*What the exercise asks:*
What you return should be the line containing "Bounding box: 191.2 x 210 x 1331 mm (x, y, z)" and each line after it to the end of the records, copied exactly.

═══ Dataset excerpts

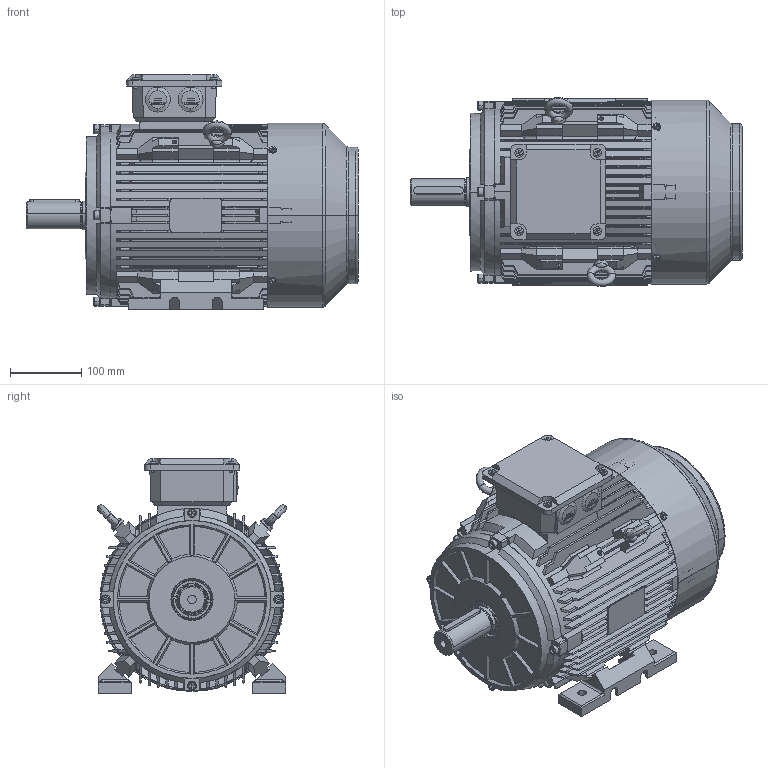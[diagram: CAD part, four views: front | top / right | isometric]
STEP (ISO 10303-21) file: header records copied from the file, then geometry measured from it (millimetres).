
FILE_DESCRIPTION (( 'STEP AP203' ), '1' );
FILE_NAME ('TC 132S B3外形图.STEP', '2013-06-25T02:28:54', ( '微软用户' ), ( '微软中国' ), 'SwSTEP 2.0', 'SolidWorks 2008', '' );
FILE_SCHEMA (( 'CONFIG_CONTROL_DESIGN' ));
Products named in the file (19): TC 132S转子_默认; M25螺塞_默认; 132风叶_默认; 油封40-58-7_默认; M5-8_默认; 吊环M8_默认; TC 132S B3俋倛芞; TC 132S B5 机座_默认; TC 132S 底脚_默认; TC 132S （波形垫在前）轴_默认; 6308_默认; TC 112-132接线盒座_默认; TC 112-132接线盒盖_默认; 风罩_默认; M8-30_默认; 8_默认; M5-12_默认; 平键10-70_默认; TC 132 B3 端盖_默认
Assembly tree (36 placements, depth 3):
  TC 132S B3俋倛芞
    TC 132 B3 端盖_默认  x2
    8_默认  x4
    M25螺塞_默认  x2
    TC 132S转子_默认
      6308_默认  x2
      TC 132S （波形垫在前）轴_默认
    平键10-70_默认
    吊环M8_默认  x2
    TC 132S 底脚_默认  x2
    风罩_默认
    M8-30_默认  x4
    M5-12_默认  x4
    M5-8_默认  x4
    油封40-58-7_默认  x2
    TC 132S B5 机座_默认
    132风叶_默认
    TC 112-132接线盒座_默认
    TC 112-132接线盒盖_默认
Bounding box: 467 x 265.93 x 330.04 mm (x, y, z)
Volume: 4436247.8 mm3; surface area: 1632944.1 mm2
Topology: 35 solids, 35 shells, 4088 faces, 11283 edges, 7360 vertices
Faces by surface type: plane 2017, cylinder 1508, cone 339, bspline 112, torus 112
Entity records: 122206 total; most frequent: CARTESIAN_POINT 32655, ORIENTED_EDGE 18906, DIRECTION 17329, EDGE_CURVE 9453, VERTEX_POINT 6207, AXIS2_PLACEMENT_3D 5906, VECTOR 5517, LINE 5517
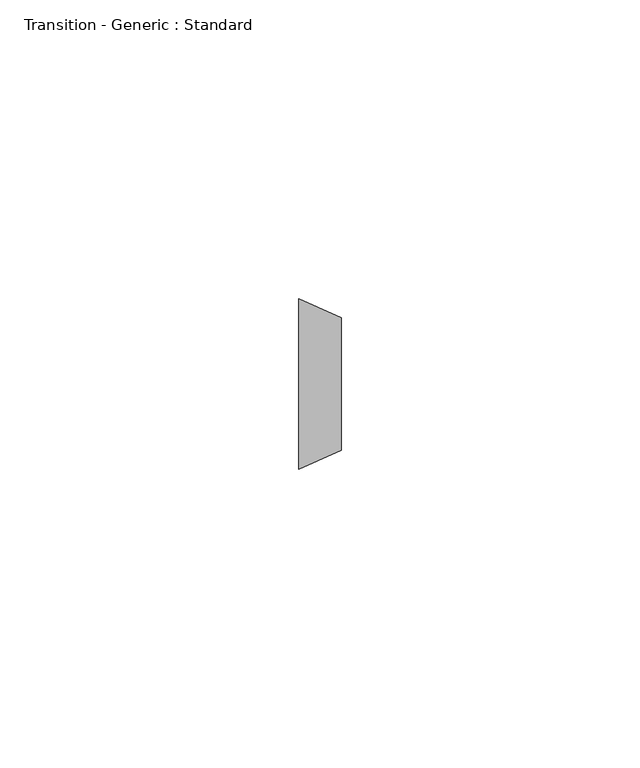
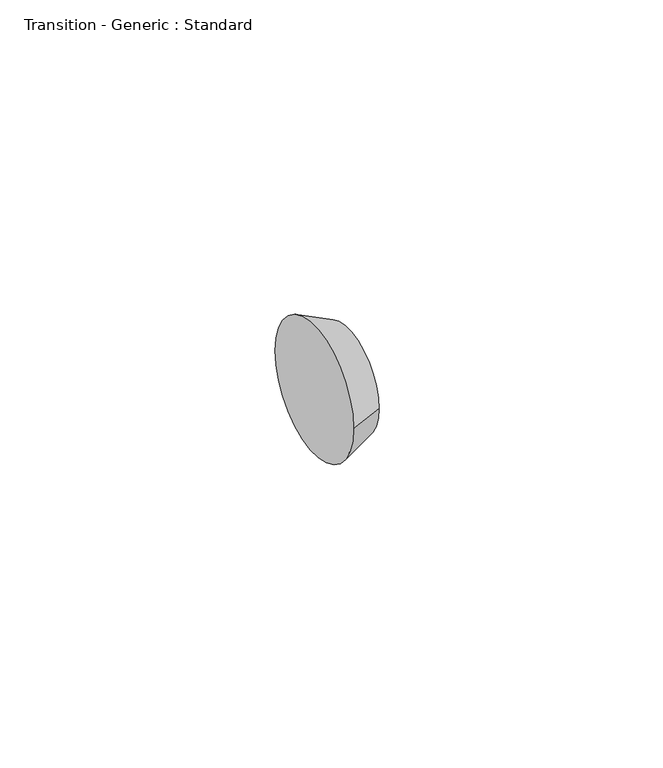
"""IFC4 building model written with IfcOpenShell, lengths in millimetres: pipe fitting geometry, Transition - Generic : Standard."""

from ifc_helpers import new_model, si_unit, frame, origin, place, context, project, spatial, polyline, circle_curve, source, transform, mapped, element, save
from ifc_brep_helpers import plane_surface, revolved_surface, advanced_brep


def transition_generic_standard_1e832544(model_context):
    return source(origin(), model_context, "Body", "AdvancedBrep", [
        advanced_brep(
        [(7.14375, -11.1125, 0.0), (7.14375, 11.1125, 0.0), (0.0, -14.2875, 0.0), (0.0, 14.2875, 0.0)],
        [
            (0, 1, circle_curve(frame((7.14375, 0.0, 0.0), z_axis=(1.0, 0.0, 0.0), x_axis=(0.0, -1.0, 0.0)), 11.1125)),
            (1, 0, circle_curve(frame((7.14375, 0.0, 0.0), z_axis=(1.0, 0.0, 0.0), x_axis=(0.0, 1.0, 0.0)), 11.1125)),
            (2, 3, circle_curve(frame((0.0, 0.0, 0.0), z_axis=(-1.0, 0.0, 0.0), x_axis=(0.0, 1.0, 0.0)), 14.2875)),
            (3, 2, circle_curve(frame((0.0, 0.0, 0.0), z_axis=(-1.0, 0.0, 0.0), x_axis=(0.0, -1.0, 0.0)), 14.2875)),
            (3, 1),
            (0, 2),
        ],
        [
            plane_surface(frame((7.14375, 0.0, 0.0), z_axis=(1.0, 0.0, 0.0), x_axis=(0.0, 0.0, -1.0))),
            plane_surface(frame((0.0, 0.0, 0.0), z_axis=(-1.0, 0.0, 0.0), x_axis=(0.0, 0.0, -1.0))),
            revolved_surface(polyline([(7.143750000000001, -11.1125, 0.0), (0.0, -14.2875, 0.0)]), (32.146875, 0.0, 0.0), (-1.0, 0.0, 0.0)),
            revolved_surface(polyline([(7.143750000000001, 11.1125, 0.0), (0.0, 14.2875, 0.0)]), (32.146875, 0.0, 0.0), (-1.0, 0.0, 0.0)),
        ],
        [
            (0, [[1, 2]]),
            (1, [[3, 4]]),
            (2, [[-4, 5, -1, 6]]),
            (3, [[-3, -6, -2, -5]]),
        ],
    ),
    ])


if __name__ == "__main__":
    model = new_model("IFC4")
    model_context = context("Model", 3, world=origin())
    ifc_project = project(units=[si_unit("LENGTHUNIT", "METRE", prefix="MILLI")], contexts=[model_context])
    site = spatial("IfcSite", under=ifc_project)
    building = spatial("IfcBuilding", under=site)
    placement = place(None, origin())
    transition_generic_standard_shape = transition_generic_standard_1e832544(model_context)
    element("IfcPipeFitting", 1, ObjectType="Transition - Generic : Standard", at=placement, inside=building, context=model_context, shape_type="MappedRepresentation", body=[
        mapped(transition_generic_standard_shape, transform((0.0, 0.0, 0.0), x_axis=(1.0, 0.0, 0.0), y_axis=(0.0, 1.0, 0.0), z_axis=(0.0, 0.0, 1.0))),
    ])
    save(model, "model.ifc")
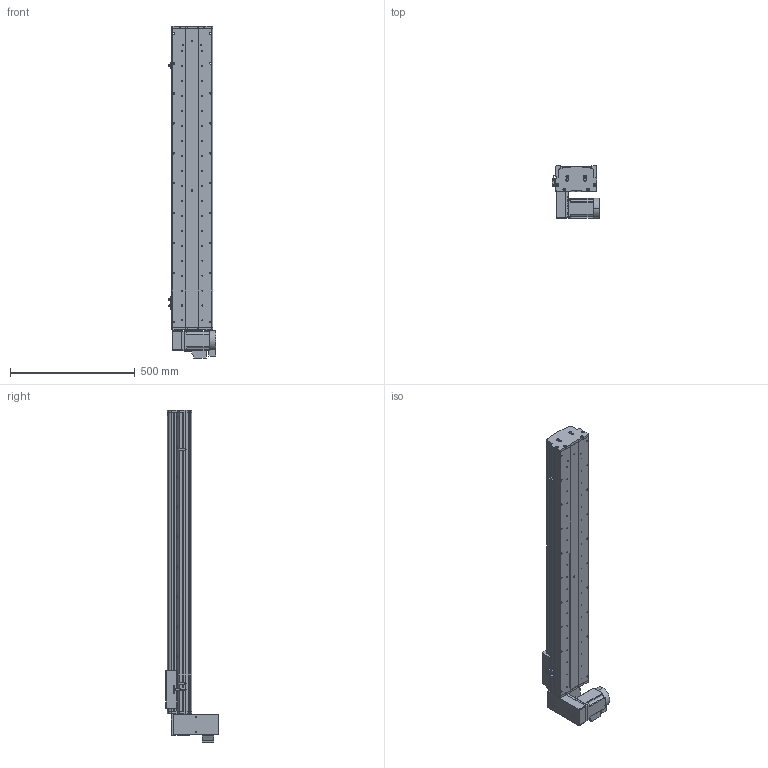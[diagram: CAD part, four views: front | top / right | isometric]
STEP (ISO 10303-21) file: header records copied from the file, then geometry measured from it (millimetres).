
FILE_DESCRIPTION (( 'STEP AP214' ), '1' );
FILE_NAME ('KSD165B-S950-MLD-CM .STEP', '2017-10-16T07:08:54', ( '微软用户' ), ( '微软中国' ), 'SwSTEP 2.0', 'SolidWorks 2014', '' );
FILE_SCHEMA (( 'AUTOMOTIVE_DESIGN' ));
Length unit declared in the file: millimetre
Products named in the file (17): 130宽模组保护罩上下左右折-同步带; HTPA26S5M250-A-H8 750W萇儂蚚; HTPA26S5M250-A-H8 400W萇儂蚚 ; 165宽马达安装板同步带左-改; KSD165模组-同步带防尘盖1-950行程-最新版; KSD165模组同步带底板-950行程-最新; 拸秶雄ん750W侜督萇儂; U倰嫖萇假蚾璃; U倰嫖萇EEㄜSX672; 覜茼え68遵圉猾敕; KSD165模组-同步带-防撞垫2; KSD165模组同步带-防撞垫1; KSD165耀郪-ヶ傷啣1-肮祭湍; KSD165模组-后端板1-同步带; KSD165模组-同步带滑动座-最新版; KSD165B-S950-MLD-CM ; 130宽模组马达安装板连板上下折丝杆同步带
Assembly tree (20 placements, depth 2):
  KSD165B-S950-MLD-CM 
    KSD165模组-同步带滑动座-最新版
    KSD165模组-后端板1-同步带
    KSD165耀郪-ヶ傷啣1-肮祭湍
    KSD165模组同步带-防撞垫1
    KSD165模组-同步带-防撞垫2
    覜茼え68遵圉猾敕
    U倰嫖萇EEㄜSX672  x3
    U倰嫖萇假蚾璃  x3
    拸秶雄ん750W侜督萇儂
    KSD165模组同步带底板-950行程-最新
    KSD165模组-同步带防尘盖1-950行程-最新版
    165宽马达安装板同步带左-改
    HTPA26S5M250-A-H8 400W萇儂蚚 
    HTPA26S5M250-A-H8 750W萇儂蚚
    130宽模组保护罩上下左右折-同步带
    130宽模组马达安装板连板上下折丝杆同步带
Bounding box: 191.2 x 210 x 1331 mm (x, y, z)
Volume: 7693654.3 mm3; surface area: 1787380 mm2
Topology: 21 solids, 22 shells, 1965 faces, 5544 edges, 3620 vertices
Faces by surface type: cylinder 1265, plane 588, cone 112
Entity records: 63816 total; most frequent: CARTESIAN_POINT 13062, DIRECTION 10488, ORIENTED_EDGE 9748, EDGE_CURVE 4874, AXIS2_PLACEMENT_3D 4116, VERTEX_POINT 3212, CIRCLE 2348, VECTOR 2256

══════

*Solution to this exercise:*
Bounding box: 191.2 x 210 x 1331 mm (x, y, z)
Volume: 7693654.3 mm3; surface area: 1787380 mm2
Topology: 21 solids, 22 shells, 1965 faces, 5544 edges, 3620 vertices
Faces by surface type: cylinder 1265, plane 588, cone 112
Entity records: 63816 total; most frequent: CARTESIAN_POINT 13062, DIRECTION 10488, ORIENTED_EDGE 9748, EDGE_CURVE 4874, AXIS2_PLACEMENT_3D 4116, VERTEX_POINT 3212, CIRCLE 2348, VECTOR 2256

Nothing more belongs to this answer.